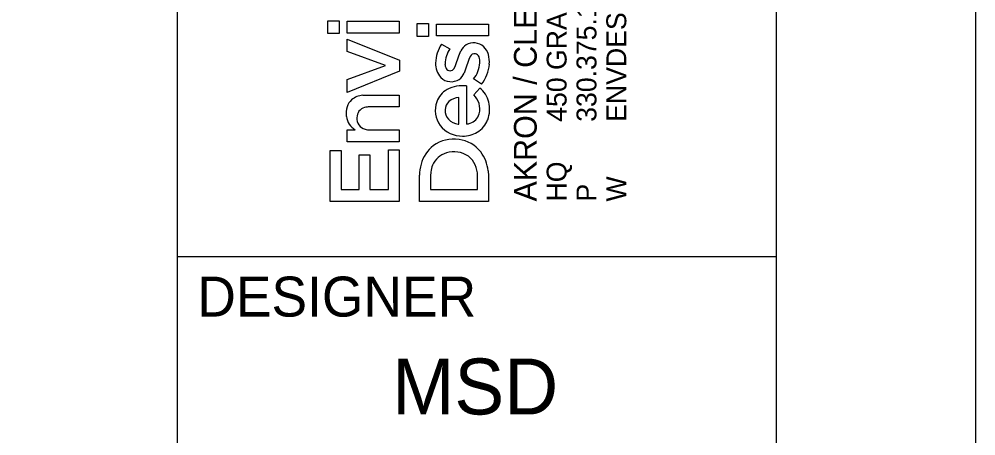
# Model space of a CAD drawing. Extents: x -4.3 to 34, y -0.8 to 22.
# Drawn here: x 31.604 to 34, y 2.552 to 3.594 of the extents above; entities that cross this region are included whole.
import ezdxf

# ---------------------------------------------------------------- set-up
doc = ezdxf.new("R2010")
doc.units = 0
for name, color, linetype in [('SH_Border', 7, 'Continuous'), ('SH_Cut_Line', 7, 'Continuous'), ('SH_Data', 7, 'Continuous')]:
    doc.layers.add(name, color=color, linetype=linetype)

msp = doc.modelspace()

# ---------------------------------------------------------------- linework, layer by layer
at = {"layer": 'SH_Border'}
for p, q in [((32, 0.5), (32, 21.5)), ((32, 3), (33.5, 3))]:
    msp.add_line(p, q, dxfattribs=at)
msp.add_lwpolyline([(1.5, 21.5), (33.5, 21.5), (33.5, 0.5), (1.5, 0.5)], close=True, dxfattribs=at)
at = {"layer": 'SH_Cut_Line'}
msp.add_lwpolyline([(0, 0), (34, 0), (34, 22), (0, 22)], close=True, dxfattribs=at)
at = {"layer": 'SH_Data'}
for p, q in [((32.3771, 3.5582), (32.3771, 3.5903)), ((32.3771, 3.5903), (32.4054, 3.5903)), ((32.4054, 3.5903), (32.4054, 3.5582)), ((32.4254, 3.5594), (32.4254, 3.5893)), ((32.4254, 3.5893), (32.5557, 3.5893)), ((32.5557, 3.5893), (32.5557, 3.5594)), ((32.6005, 3.5511), (32.6005, 3.5832)), ((32.6005, 3.5832), (32.6289, 3.5832)), ((32.6289, 3.5832), (32.6289, 3.5511)), ((32.6489, 3.5523), (32.6489, 3.5822)), ((32.6489, 3.5822), (32.7792, 3.5822)), ((32.7792, 3.5822), (32.7792, 3.5523)), ((32.4054, 3.5582), (32.3771, 3.5582)), ((32.5557, 3.5594), (32.4254, 3.5594)), ((32.6289, 3.5511), (32.6005, 3.5511)), ((32.7792, 3.5523), (32.6489, 3.5523)), ((32.4254, 3.5133), (32.4254, 3.5446)), ((32.4254, 3.5446), (32.5567, 3.4913)), ((32.6615, 3.5321), (32.6827, 3.5203)), ((32.5212, 3.478), (32.4254, 3.5133)), ((32.6967, 3.4787), (32.7048, 3.5026)), ((32.7048, 3.5026), (32.7104, 3.5153)), ((32.7334, 3.501), (32.7298, 3.4933)), ((32.4254, 3.4429), (32.5212, 3.478)), ((32.5567, 3.4913), (32.5567, 3.4644)), ((32.693, 3.4712), (32.6967, 3.4787)), ((32.7298, 3.4933), (32.7221, 3.4688)), ((32.5567, 3.4644), (32.4254, 3.4109)), ((32.7221, 3.4688), (32.7182, 3.4592)), ((32.4254, 3.4109), (32.4254, 3.4429)), ((32.7245, 3.4275), (32.7246, 3.3319)), ((32.7621, 3.4314), (32.742, 3.4447)), ((32.4644, 3.404), (32.4729, 3.4044)), ((32.4729, 3.4044), (32.5557, 3.4044)), ((32.5557, 3.4044), (32.5557, 3.3746)), ((32.7423, 3.4046), (32.7577, 3.422)), ((32.7049, 3.3318), (32.7049, 3.3983)), ((32.5557, 3.3746), (32.4814, 3.3746)), ((32.7036, 3.3317), (32.7049, 3.3318)), ((32.4254, 3.2875), (32.4254, 3.3173)), ((32.4254, 3.3173), (32.4455, 3.3173)), ((32.4822, 3.3173), (32.5557, 3.3173)), ((32.5557, 3.3173), (32.5557, 3.2876)), ((32.5557, 3.2876), (32.4254, 3.2875)), ((32.383, 3.1379), (32.383, 3.266)), ((32.383, 3.266), (32.4101, 3.266)), ((32.4101, 3.266), (32.4101, 3.1683)), ((32.5286, 3.1683), (32.5286, 3.2672)), ((32.5286, 3.2672), (32.5557, 3.2672)), ((32.5557, 3.2672), (32.5557, 3.1379)), ((32.455, 3.1683), (32.455, 3.2549)), ((32.455, 3.2549), (32.4822, 3.2549)), ((32.4822, 3.2549), (32.4822, 3.1683)), ((32.6347, 3.2118), (32.6341, 3.2023)), ((32.7785, 3.215), (32.7792, 3.2021)), ((32.6064, 3.138), (32.6064, 3.204)), ((32.6341, 3.2023), (32.6341, 3.1684)), ((32.7515, 3.1683), (32.7515, 3.2024)), ((32.7792, 3.2021), (32.7792, 3.138)), ((32.4101, 3.1683), (32.455, 3.1683)), ((32.4822, 3.1683), (32.5286, 3.1683)), ((32.6341, 3.1684), (32.7515, 3.1683)), ((32.5557, 3.1379), (32.383, 3.1379)), ((32.7792, 3.138), (32.6064, 3.138))]:
    msp.add_line(p, q, dxfattribs=at)
for points in [[(32.3771, 3.5582), (32.3771, 3.5903), (32.4054, 3.5903), (32.4054, 3.5582)], [(32.4254, 3.5594), (32.4254, 3.5893), (32.5557, 3.5893), (32.5557, 3.5594)], [(32.6005, 3.5511), (32.6005, 3.5832), (32.6289, 3.5832), (32.6289, 3.5511)], [(32.6489, 3.5523), (32.6489, 3.5822), (32.7792, 3.5822), (32.7792, 3.5523)], [(32.4254, 3.4109), (32.4254, 3.4429), (32.5212, 3.478), (32.4254, 3.5133), (32.4254, 3.5446), (32.5567, 3.4913), (32.5567, 3.4644)], [(32.383, 3.1379), (32.383, 3.266), (32.4101, 3.266), (32.4101, 3.1683), (32.455, 3.1683), (32.455, 3.2549), (32.4822, 3.2549), (32.4822, 3.1683), (32.5286, 3.1683), (32.5286, 3.2672), (32.5557, 3.2672), (32.5557, 3.1379)]]:
    msp.add_lwpolyline(points, close=True, dxfattribs=at)
for points in [[(32.6615, 3.5321), (32.6827, 3.5203)], [(32.693, 3.4712), (32.6967, 3.4787), (32.7048, 3.5026), (32.7104, 3.5153)], [(32.7334, 3.501), (32.7298, 3.4933), (32.7221, 3.4688), (32.7182, 3.4592)], [(32.7245, 3.4275), (32.7246, 3.3319)], [(32.7621, 3.4314), (32.742, 3.4447)], [(32.4644, 3.404), (32.4729, 3.4044), (32.5557, 3.4044), (32.5557, 3.3746), (32.4814, 3.3746)], [(32.7423, 3.4046), (32.7577, 3.422)], [(32.7036, 3.3317), (32.7049, 3.3318), (32.7049, 3.3983)], [(32.4254, 3.2875), (32.4254, 3.3173), (32.4455, 3.3173)], [(32.4822, 3.3173), (32.5557, 3.3173), (32.5557, 3.2876), (32.4254, 3.2875)], [(32.7785, 3.215), (32.7792, 3.2021), (32.7792, 3.138), (32.6064, 3.138)], [(32.6347, 3.2118), (32.6341, 3.2023), (32.6341, 3.1684), (32.7515, 3.1683), (32.7515, 3.2024)], [(32.6064, 3.138), (32.6064, 3.204)]]:
    msp.add_lwpolyline(points, dxfattribs=at)
for centre, radius, start, end in [((32.7364, 3.4826), 0.0897, 146.531, 178.7571), ((32.7364, 3.4826), 0.0897, 146.531, 178.7571), ((32.7466, 3.4971), 0.0405, 125.5118, 153.4159), ((32.7466, 3.4971), 0.0405, 125.5118, 153.4159), ((32.7406, 3.5026), 0.0326, 80.1719, 122.5197), ((32.7406, 3.5026), 0.0326, 80.1719, 122.5197), ((32.7428, 3.4982), 0.0367, 47.7934, 84.6892), ((32.7428, 3.4982), 0.0367, 47.7934, 84.6892), ((32.7379, 3.4946), 0.0427, 14.9966, 46.2063), ((32.7379, 3.4946), 0.0427, 14.9966, 46.2063), ((32.7452, 3.4789), 0.0749, 146.5112, 176.9101), ((32.7452, 3.4789), 0.0749, 146.5112, 176.9101), ((32.7438, 3.4963), 0.0114, 76.6609, 155.7053), ((32.7438, 3.4963), 0.0114, 76.6609, 155.7053), ((32.744, 3.4951), 0.0126, 21.5098, 78.5262), ((32.744, 3.4951), 0.0126, 21.5098, 78.5262), ((32.7259, 3.4877), 0.0321, 354.5726, 22.068), ((32.7259, 3.4877), 0.0321, 354.5726, 22.068), ((32.7104, 3.4867), 0.0712, 355.8306, 15.3914), ((32.7104, 3.4867), 0.0712, 355.8306, 15.3914), ((32.6967, 3.4824), 0.0501, 177.5366, 222.7932), ((32.6967, 3.4824), 0.0501, 177.5366, 222.7932), ((32.6931, 3.4823), 0.0228, 178.4747, 211.0868), ((32.6931, 3.4823), 0.0228, 178.4747, 211.0868), ((32.6825, 3.4915), 0.0757, 321.811, 354.7969), ((32.6825, 3.4915), 0.0757, 321.811, 354.7969), ((32.6895, 3.4882), 0.0922, 321.9777, 355.8738), ((32.6895, 3.4882), 0.0922, 321.9777, 355.8738), ((32.6833, 3.4767), 0.0115, 212.2368, 268.3777), ((32.6833, 3.4767), 0.0115, 212.2368, 268.3777), ((32.6834, 3.4759), 0.0107, 267.716, 333.7337), ((32.6834, 3.4759), 0.0107, 267.716, 333.7337), ((32.681, 3.4758), 0.0408, 308.0877, 335.9874), ((32.681, 3.4758), 0.0408, 308.0877, 335.9874), ((32.686, 3.4753), 0.0375, 225.9854, 302.4797), ((32.686, 3.4753), 0.0375, 225.9854, 302.4797), ((32.7152, 3.3441), 0.0838, 83.615, 118.2876), ((32.7152, 3.3441), 0.0838, 83.615, 118.2876), ((32.4687, 3.3543), 0.0499, 94.9696, 130.2225), ((32.4687, 3.3543), 0.0499, 94.9696, 130.2225), ((32.7024, 3.3691), 0.0558, 118.8308, 160.6244), ((32.7024, 3.3691), 0.0558, 118.8308, 160.6244), ((32.7038, 3.3656), 0.0549, 19.0357, 45.4406), ((32.7038, 3.3656), 0.0549, 19.0357, 45.4406), ((32.7174, 3.3717), 0.0644, 13.5336, 51.3615), ((32.7174, 3.3717), 0.0644, 13.5336, 51.3615), ((32.4635, 3.3626), 0.0402, 132.2219, 161.6818), ((32.4635, 3.3626), 0.0402, 132.2219, 161.6818), ((32.7104, 3.3661), 0.0644, 160.5201, 215.7831), ((32.7104, 3.3661), 0.0644, 160.5201, 215.7831), ((32.7005, 3.3663), 0.0298, 132.9851, 177.179), ((32.7005, 3.3663), 0.0298, 132.9851, 177.179), ((32.7079, 3.3561), 0.0424, 94.008, 130.8817), ((32.7079, 3.3561), 0.0424, 94.008, 130.8817), ((32.7107, 3.3697), 0.047, 344.6059, 17.007), ((32.7107, 3.3697), 0.047, 344.6059, 17.007), ((32.7064, 3.3692), 0.0758, 339.3542, 13.3785), ((32.7064, 3.3692), 0.0758, 339.3542, 13.3785), ((32.4787, 3.3582), 0.056, 162.2736, 187.7919), ((32.4787, 3.3582), 0.056, 162.2736, 187.7919), ((32.4748, 3.3487), 0.025, 103.6865, 182.2187), ((32.4748, 3.3487), 0.025, 103.6865, 182.2187), ((32.4811, 3.3286), 0.046, 89.6049, 105.3284), ((32.4811, 3.3286), 0.046, 89.6049, 105.3284), ((32.7017, 3.365), 0.0311, 175.0013, 223.283), ((32.7017, 3.365), 0.0311, 175.0013, 223.283), ((32.7224, 3.3671), 0.035, 288.0077, 343.5508), ((32.7224, 3.3671), 0.035, 288.0077, 343.5508), ((32.4703, 3.358), 0.0476, 188.962, 238.7037), ((32.4703, 3.358), 0.0476, 188.962, 238.7037), ((32.4773, 3.3456), 0.0276, 175.5854, 255.1439), ((32.4773, 3.3456), 0.0276, 175.5854, 255.1439), ((32.7089, 3.3736), 0.0423, 225.0619, 262.7974), ((32.7089, 3.3736), 0.0423, 225.0619, 262.7974), ((32.7247, 3.3522), 0.0202, 269.7003, 294.8711), ((32.7247, 3.3522), 0.0202, 269.7003, 294.8711), ((32.7189, 3.3652), 0.0626, 300.9427, 338.7323), ((32.7189, 3.3652), 0.0626, 300.9427, 338.7323), ((32.4818, 3.3595), 0.0422, 254.0916, 270.5284), ((32.4818, 3.3595), 0.0422, 254.0916, 270.5284), ((32.7125, 3.3705), 0.0687, 217.7452, 271.6543), ((32.7125, 3.3705), 0.0687, 217.7452, 271.6543), ((32.7155, 3.3724), 0.0706, 269.2048, 300.3341), ((32.7155, 3.3724), 0.0706, 269.2048, 300.3341), ((32.6923, 3.2079), 0.0864, 81.194, 125.9984), ((32.6923, 3.2079), 0.0864, 81.194, 125.9984), ((32.6946, 3.2113), 0.0827, 37.8521, 82.402), ((32.6946, 3.2113), 0.0827, 37.8521, 82.402), ((32.6939, 3.2089), 0.0865, 127.2362, 165.148), ((32.6939, 3.2089), 0.0865, 127.2362, 165.148), ((32.6889, 3.2078), 0.054, 106.1881, 157.3861), ((32.6889, 3.2078), 0.054, 106.1881, 157.3861), ((32.6928, 3.1986), 0.0639, 55.6727, 107.2093), ((32.6928, 3.1986), 0.0639, 55.6727, 107.2093), ((32.6859, 3.2057), 0.0931, 5.7333, 37.304), ((32.6859, 3.2057), 0.0931, 5.7333, 37.304), ((32.6929, 3.205), 0.0587, 357.4662, 52.2665), ((32.6929, 3.205), 0.0587, 357.4662, 52.2665), ((32.7143, 3.2028), 0.1078, 164.7861, 179.3704), ((32.7143, 3.2028), 0.1078, 164.7861, 179.3704), ((32.6983, 3.2039), 0.0641, 157.3571, 172.9275), ((32.6983, 3.2039), 0.0641, 157.3571, 172.9275)]:
    msp.add_arc(centre, radius, start, end, dxfattribs=at)

# ---------------------------------------------------------------- texts
for s, height, p in [('450 GRANT ST., AKRON, OH  44311', 0.049846, (32.9749, 3.3374)), ('AKRON / CLEVELAND / COLUMBUS', 0.056969, (32.9001, 3.138)), ('ENVDESIGNGROUP.COM', 0.049846, (33.1244, 3.3374)), ('330.375.1390', 0.049846, (33.0497, 3.3374)), ('HQ ', 0.04985, (32.9749, 3.138)), ('W', 0.0498, (33.1244, 3.138)), ('P', 0.0498, (33.0497, 3.138))]:
    msp.add_text(s, height=height, rotation=90, dxfattribs=at).set_placement(p)
for s, height, p in [('DESIGNER', 0.1, (32.05, 2.85)), ('MSD', 0.14, (32.5379, 2.605))]:
    msp.add_text(s, height=height, dxfattribs=at).set_placement(p)

doc.saveas('drawing.dxf')

*WHAT YOU ARE ASKED TO DO*
Repeat exactly the lines above from the line that contains "for s, height, p in [('450" through the end. Include both of these ends; leave out everything else.

*TASK SOLUTION*
for s, height, p in [('450 GRANT ST., AKRON, OH  44311', 0.049846, (32.9749, 3.3374)), ('AKRON / CLEVELAND / COLUMBUS', 0.056969, (32.9001, 3.138)), ('ENVDESIGNGROUP.COM', 0.049846, (33.1244, 3.3374)), ('330.375.1390', 0.049846, (33.0497, 3.3374)), ('HQ ', 0.04985, (32.9749, 3.138)), ('W', 0.0498, (33.1244, 3.138)), ('P', 0.0498, (33.0497, 3.138))]:
    msp.add_text(s, height=height, rotation=90, dxfattribs=at).set_placement(p)
for s, height, p in [('DESIGNER', 0.1, (32.05, 2.85)), ('MSD', 0.14, (32.5379, 2.605))]:
    msp.add_text(s, height=height, dxfattribs=at).set_placement(p)

doc.saveas('drawing.dxf')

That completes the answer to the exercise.